### What needs to be done
Copy out each line in the material below that has the word "Linia".

=== Begin Enclosure ===

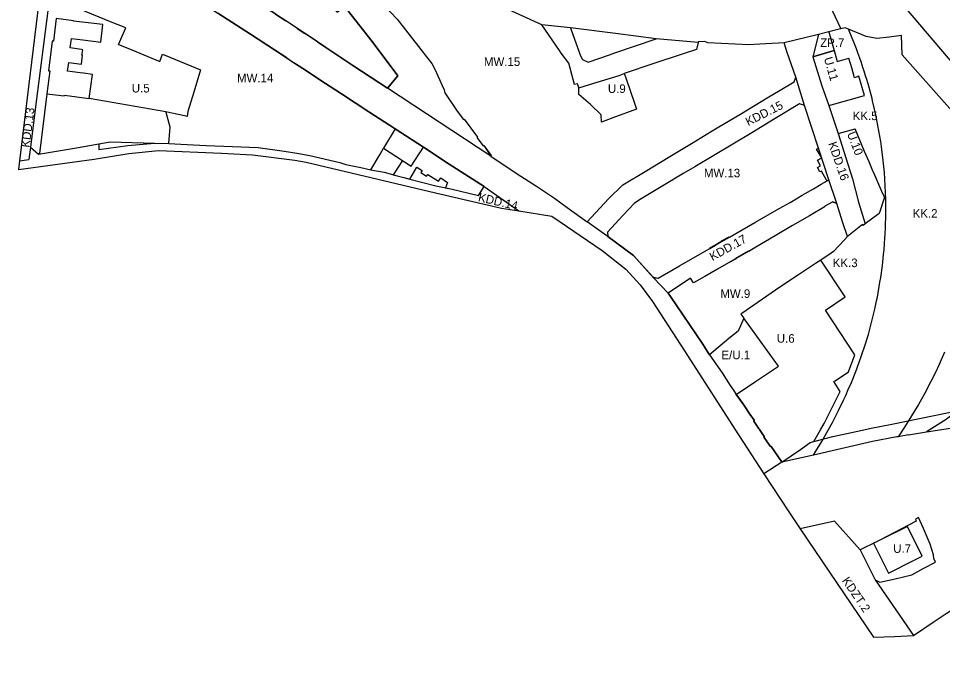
# Model space of a CAD drawing. Extents: x 7424719 to 7426158, y 5545504 to 5546892.
# Drawn here: x 7425136 to 7425675, y 5545534 to 5545910 of the extents above; entities that cross this region are included whole.
import ezdxf

# ---------------------------------------------------------------- set-up
doc = ezdxf.new("R2010")
doc.units = 0
for name, color, linetype in [('Linia Zabudowy Nieprzekraczalna', 7, 'Continuous'), ('Linia Zabudowy Obowiązujaca', 7, 'Continuous'), ('Linie Rozgraniczajace', 7, 'Continuous'), ('Oznaczenia Przeznaczenia', 7, 'Continuous')]:
    doc.layers.add(name, color=color, linetype=linetype)

msp = doc.modelspace()

# ---------------------------------------------------------------- linework, layer by layer
at = {"layer": 'Linia Zabudowy Nieprzekraczalna'}
for p, q in [((7425221.95, 5545855.04), (7425177.27, 5545862.88)), ((7425619.91, 5545782.28), (7425617.12, 5545790.15)), ((7425536.53, 5545758.98), (7425529.93, 5545755.27))]:
    msp.add_line(p, q, dxfattribs=at)
for points in [[(7425342.48, 5545896.07), (7425330.08, 5545911.69), (7425326.2, 5545916.65), (7425322, 5545913.22), (7425306.22, 5545929.93), (7425307.99, 5545931.44), (7425306.98, 5545931.69), (7425284.21, 5545937.96), (7425280.74, 5545938.92)], [(7425462.94, 5545868.99), (7425462.27, 5545871.4), (7425460.44, 5545870.89), (7425458.92, 5545876.89), (7425457.98, 5545880.44), (7425457.18, 5545883.45), (7425452.71, 5545889.29), (7425451.73, 5545890.74), (7425441.52, 5545905.84)], [(7425538.37, 5545895.3), (7425536.66, 5545895.99), (7425532.74, 5545895.93), (7425532.61, 5545895.42), (7425531.65, 5545891.5)], [(7425374.15, 5545887.09), (7425377.13, 5545883.26), (7425379.08, 5545879.51), (7425383.23, 5545870.4), (7425384.4, 5545867.84), (7425384.71, 5545866.06), (7425392.04, 5545855.48)], [(7425152.54, 5545865.55), (7425148.22, 5545830.64), (7425147.61, 5545830.39), (7425168.55, 5545833.86), (7425182.86, 5545836.3), (7425189.52, 5545837.43), (7425215.38, 5545836.72), (7425223.7, 5545836.49)], [(7425608.96, 5545858.71), (7425614.36, 5545842.32), (7425618.86, 5545828.14)], [(7425341.6, 5545821.17), (7425347.02, 5545830.29), (7425349.08, 5545833.88)], [(7425360.13, 5545826.6), (7425354.69, 5545818.22), (7425356.89, 5545817.58), (7425360.84, 5545816.68)], [(7425622.81, 5545815.98), (7425626.27, 5545802.36), (7425630.2, 5545789.7)], [(7425511.14, 5545811.23), (7425499.48, 5545804.26), (7425495.46, 5545801.77)], [(7425539.25, 5545713.16), (7425546.66, 5545702.61), (7425551.43, 5545695.31), (7425553.25, 5545692.5), (7425554.93, 5545690)], [(7425592.45, 5545657.95), (7425598.08, 5545661.94), (7425600.26, 5545662.54), (7425611.3, 5545665.5), (7425627.63, 5545668.96), (7425628.68, 5545669.19), (7425632.77, 5545670.07), (7425645.71, 5545672.72), (7425810.15, 5545706.28)]]:
    msp.add_lwpolyline(points, dxfattribs=at)
for points in [[(7425481.01, 5545888.36), (7425483.99, 5545889.38), (7425508.14, 5545897.68), (7425484.45, 5545900.73), (7425458.11, 5545904.1), (7425458.54, 5545902.88), (7425463.92, 5545887.7), (7425465.26, 5545885.66), (7425468.42, 5545884.03)], [(7425643.87, 5545585.67), (7425658.76, 5545593.24), (7425663.48, 5545595.64), (7425654.83, 5545612.88), (7425639.21, 5545605.19), (7425637.08, 5545604.14), (7425635.08, 5545603.18)]]:
    msp.add_lwpolyline(points, close=True, dxfattribs=at)
at = {"layer": 'Linia Zabudowy Obowiązujaca'}
msp.add_line((7425618.86, 5545828.14), (7425622.81, 5545815.98), dxfattribs=at)
for points in [[(7425280.74, 5545938.92), (7425271.38, 5545940.8), (7425262.7, 5545927.12), (7425267.77, 5545923.82), (7425267.93, 5545924.09), (7425272.74, 5545920.96), (7425272.54, 5545920.73), (7425280.99, 5545915.23), (7425281.18, 5545915.48), (7425286.07, 5545912.28), (7425285.91, 5545912.04), (7425291.9, 5545908.14), (7425292.06, 5545908.38), (7425298.88, 5545903.93), (7425298.67, 5545903.67), (7425303.12, 5545900.73), (7425303.34, 5545900.95), (7425310.54, 5545895.99), (7425310.47, 5545895.88), (7425315.42, 5545892.62), (7425331.12, 5545882.16), (7425351.27, 5545868.89), (7425357.35, 5545876.12), (7425342.48, 5545896.07)], [(7425441.52, 5545905.84), (7425406, 5545922.06), (7425398.41, 5545925.48), (7425384.75, 5545932.02), (7425380.53, 5545933.18), (7425380.79, 5545934.47), (7425361.98, 5545938.37), (7425355.08, 5545935.83), (7425344.31, 5545931.84), (7425340.9, 5545926.19)], [(7425340.9, 5545926.19), (7425357.03, 5545909.09), (7425370.81, 5545891.45), (7425374.15, 5545887.09)], [(7425360.84, 5545816.68), (7425364.36, 5545815.65), (7425368.49, 5545822.7), (7425371.48, 5545820.75), (7425370.72, 5545819.64), (7425374.18, 5545817.39), (7425374.9, 5545818.53), (7425381.16, 5545814.6), (7425382.41, 5545816.57), (7425385.82, 5545814.25), (7425386.36, 5545813.74), (7425385.19, 5545810.66), (7425388.32, 5545809.98), (7425404.43, 5545806.22), (7425407.69, 5545811.38), (7425387.39, 5545824.41), (7425372.32, 5545834.37), (7425355.76, 5545845.1), (7425340.37, 5545855.11), (7425324.58, 5545865.5), (7425311.75, 5545873.76), (7425304.02, 5545878.88), (7425299.79, 5545881.68), (7425296.67, 5545883.6), (7425296.6, 5545883.46), (7425292.48, 5545886.29), (7425292.6, 5545886.47), (7425285.44, 5545891.24), (7425271.34, 5545900.36), (7425252.35, 5545912.68)], [(7425392.04, 5545855.48), (7425395.72, 5545850.48), (7425396.14, 5545850.76), (7425403.95, 5545840.28), (7425403.55, 5545839.98), (7425407.27, 5545835.08), (7425407.66, 5545835.36), (7425411.91, 5545829.53), (7425411.67, 5545829.21), (7425427.04, 5545818.91), (7425438.24, 5545811.68), (7425448.82, 5545804.62), (7425456.25, 5545799.25), (7425467.98, 5545790.86), (7425480.31, 5545804.19), (7425488.77, 5545812.5), (7425501.66, 5545820.28), (7425516.17, 5545828.96), (7425529.68, 5545837.09), (7425539.86, 5545843.25), (7425543.71, 5545845.6), (7425558.03, 5545854.05), (7425573.05, 5545863.18), (7425580.63, 5545867.69), (7425588.71, 5545872.49), (7425589.64, 5545875.21), (7425584.72, 5545889.72), (7425582.81, 5545895.28), (7425568.74, 5545894.54), (7425562.22, 5545894.09), (7425538.37, 5545895.3)], [(7425531.65, 5545891.5), (7425522.67, 5545888.42), (7425506.88, 5545883.22), (7425489.51, 5545877.32)], [(7425612.14, 5545890.74), (7425599.6, 5545887.04), (7425604.91, 5545870.29), (7425608.96, 5545858.71)], [(7425495.46, 5545801.77), (7425488.97, 5545794.78), (7425479.68, 5545784.76), (7425479.93, 5545782.16), (7425494.97, 5545771.18), (7425506.2, 5545758.74), (7425506.35, 5545758.83), (7425506.66, 5545758.47), (7425509.31, 5545757.86), (7425521.77, 5545765.13), (7425528.25, 5545768.84), (7425539.46, 5545775.24), (7425539.34, 5545775.44), (7425539.88, 5545775.75), (7425542.1, 5545777.02), (7425542.46, 5545777.27), (7425545.97, 5545779.36), (7425546.38, 5545779.62), (7425550.73, 5545782.14), (7425550.84, 5545781.95), (7425550.95, 5545781.76), (7425565.77, 5545790.32), (7425579.89, 5545798.52), (7425586.31, 5545802.11), (7425590.85, 5545804.78), (7425593.43, 5545806.35), (7425599.92, 5545810.04), (7425604.45, 5545812.72), (7425607.93, 5545814.73), (7425607.49, 5545815.49), (7425604.61, 5545820.45), (7425603.74, 5545819.92), (7425602.31, 5545822.52), (7425604.17, 5545823.58), (7425602.38, 5545826.74), (7425604.79, 5545828.08), (7425601.83, 5545833.24), (7425602.95, 5545833.77), (7425594.8, 5545858.62), (7425591.92, 5545859.71), (7425577.67, 5545851.09), (7425563.96, 5545842.82), (7425530.71, 5545822.94), (7425524.41, 5545819.19), (7425511.14, 5545811.23)], [(7425223.7, 5545836.49), (7425230.61, 5545836.11), (7425245.49, 5545835.43), (7425260.79, 5545834.74), (7425275.88, 5545834.26), (7425291, 5545832.06), (7425298.36, 5545830.97), (7425305.98, 5545829.48), (7425323.44, 5545825.4), (7425327.04, 5545824.2), (7425335.7, 5545822.57), (7425341.6, 5545821.17)], [(7425349.08, 5545833.88), (7425360.13, 5545826.6)], [(7425617.12, 5545790.15), (7425613.63, 5545801.56), (7425611.22, 5545802.47), (7425606.64, 5545799.92), (7425606.73, 5545799.78), (7425597.65, 5545794.33), (7425587.78, 5545788.58), (7425577.55, 5545782.59), (7425566.29, 5545776.02), (7425562.19, 5545773.45), (7425562.1, 5545773.61), (7425554.75, 5545769.39), (7425554.77, 5545769.2), (7425550.37, 5545766.87), (7425544.05, 5545763.21), (7425536.53, 5545758.98)], [(7425529.93, 5545755.27), (7425528.14, 5545757.98), (7425515.23, 5545749.15), (7425516.56, 5545747.2), (7425534.99, 5545720.07), (7425539.25, 5545713.16)], [(7425555.2, 5545689.62), (7425559.1, 5545684.08), (7425562.89, 5545678.6), (7425565.41, 5545675.01), (7425565.18, 5545674.43), (7425571.21, 5545665.45), (7425571.22, 5545665), (7425574.75, 5545659.81), (7425575.35, 5545659.7), (7425581.25, 5545650.86), (7425581.5, 5545650.49), (7425592.45, 5545657.95)]]:
    msp.add_lwpolyline(points, dxfattribs=at)
msp.add_lwpolyline([(7425179.04, 5545876.88), (7425173.9, 5545877.53), (7425171.95, 5545877.77), (7425164.58, 5545878.73), (7425165.25, 5545883.79), (7425172.64, 5545882.83), (7425172.91, 5545884.65), (7425173.28, 5545888.02), (7425172.99, 5545888.05), (7425173.4, 5545891.27), (7425172.75, 5545891.35), (7425166.12, 5545892.29), (7425166.81, 5545897.8), (7425173.45, 5545896.96), (7425183.92, 5545895.77), (7425185.08, 5545906.02), (7425168.07, 5545907.92), (7425168.1, 5545908.19), (7425157.99, 5545909.45), (7425156.34, 5545896.18), (7425155.61, 5545896.27), (7425153.46, 5545878.96), (7425154.19, 5545878.87), (7425152.54, 5545865.55), (7425162.68, 5545864.27), (7425162.77, 5545864.68), (7425177.27, 5545862.88)], close=True, dxfattribs=at)
at = {"layer": 'Linie Rozgraniczajace'}
for p, q in [((7425978.47, 5545533.55), (7425205.67, 5546443.4)), ((7425609.01, 5545901.71), (7425612.14, 5545890.74)), ((7425411.67, 5545829.21), (7425351.27, 5545868.89)), ((7425222.08, 5545854.57), (7425221.95, 5545855.04)), ((7425224.45, 5545846), (7425222.08, 5545854.57)), ((7425223.7, 5545836.49), (7425224.45, 5545846)), ((7425614.36, 5545842.32), (7425624.4, 5545845.18)), ((7425611.22, 5545802.47), (7425613.63, 5545801.56)), ((7425515.23, 5545749.15), (7425506.63, 5545758.14)), ((7425581.5, 5545650.49), (7425571.06, 5545643.7)), ((7425664.15, 5545611.8), (7425661.37, 5545618.17)), ((7425657.45, 5545584.76), (7425664.36, 5545588.57)), ((7425647.58, 5545582.47), (7425657.45, 5545584.76)), ((7425636.06, 5545581.74), (7425658.39, 5545549.4))]:
    msp.add_line(p, q, dxfattribs=at)
for points in [[(7425151.54, 5545949.85), (7425136.55, 5545826.39), (7425135.93, 5545821.28), (7425180.05, 5545827.35), (7425200.35, 5545830.6), (7425217.76, 5545832.37), (7425254.45, 5545830.9), (7425272.5, 5545829.97), (7425297.34, 5545826.88), (7425303.93, 5545825.65), (7425379.35, 5545807.74), (7425417.93, 5545798.79), (7425427.91, 5545797.21), (7425447.26, 5545794.15), (7425476.64, 5545774.16), (7425490.4, 5545763.21), (7425498.87, 5545754.09), (7425505.93, 5545744.24), (7425524.66, 5545715.41), (7425554.05, 5545669.83), (7425571.06, 5545643.7), (7425585.53, 5545621.47), (7425592.25, 5545611.54), (7425635.03, 5545548.39)], [(7425151.54, 5545949.85), (7425151.94, 5545949.88), (7425160.68, 5545949.78), (7425156.01, 5545937.51), (7425154.82, 5545928.06), (7425153.94, 5545921.7), (7425153.22, 5545915.57), (7425146.14, 5545859.53), (7425142.98, 5545834.37), (7425142.02, 5545827.23)], [(7425213.97, 5545937.88), (7425235.03, 5545924), (7425252.35, 5545912.68), (7425271.34, 5545900.36), (7425285.44, 5545891.24), (7425299.79, 5545881.68), (7425304.02, 5545878.88), (7425311.75, 5545873.76), (7425324.58, 5545865.5), (7425340.37, 5545855.11), (7425355.76, 5545845.1), (7425372.32, 5545834.37), (7425387.39, 5545824.41), (7425407.69, 5545811.38)], [(7425307.99, 5545931.44), (7425306.22, 5545929.93), (7425322, 5545913.22), (7425326.2, 5545916.65), (7425330.08, 5545911.69), (7425342.48, 5545896.07), (7425357.35, 5545876.12), (7425351.27, 5545868.89), (7425331.12, 5545882.16), (7425315.42, 5545892.62), (7425310.47, 5545895.88), (7425291.9, 5545908.14), (7425262.7, 5545927.12)], [(7425340.9, 5545926.19), (7425357.03, 5545909.09), (7425370.81, 5545891.45), (7425374.15, 5545887.09), (7425377.13, 5545883.26), (7425379.08, 5545879.51), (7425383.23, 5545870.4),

=== End Enclosure ===

### Task output
for name, color, linetype in [('Linia Zabudowy Nieprzekraczalna', 7, 'Continuous'), ('Linia Zabudowy Obowiązujaca', 7, 'Continuous'), ('Linie Rozgraniczajace', 7, 'Continuous'), ('Oznaczenia Przeznaczenia', 7, 'Continuous')]:
at = {"layer": 'Linia Zabudowy Nieprzekraczalna'}
at = {"layer": 'Linia Zabudowy Obowiązujaca'}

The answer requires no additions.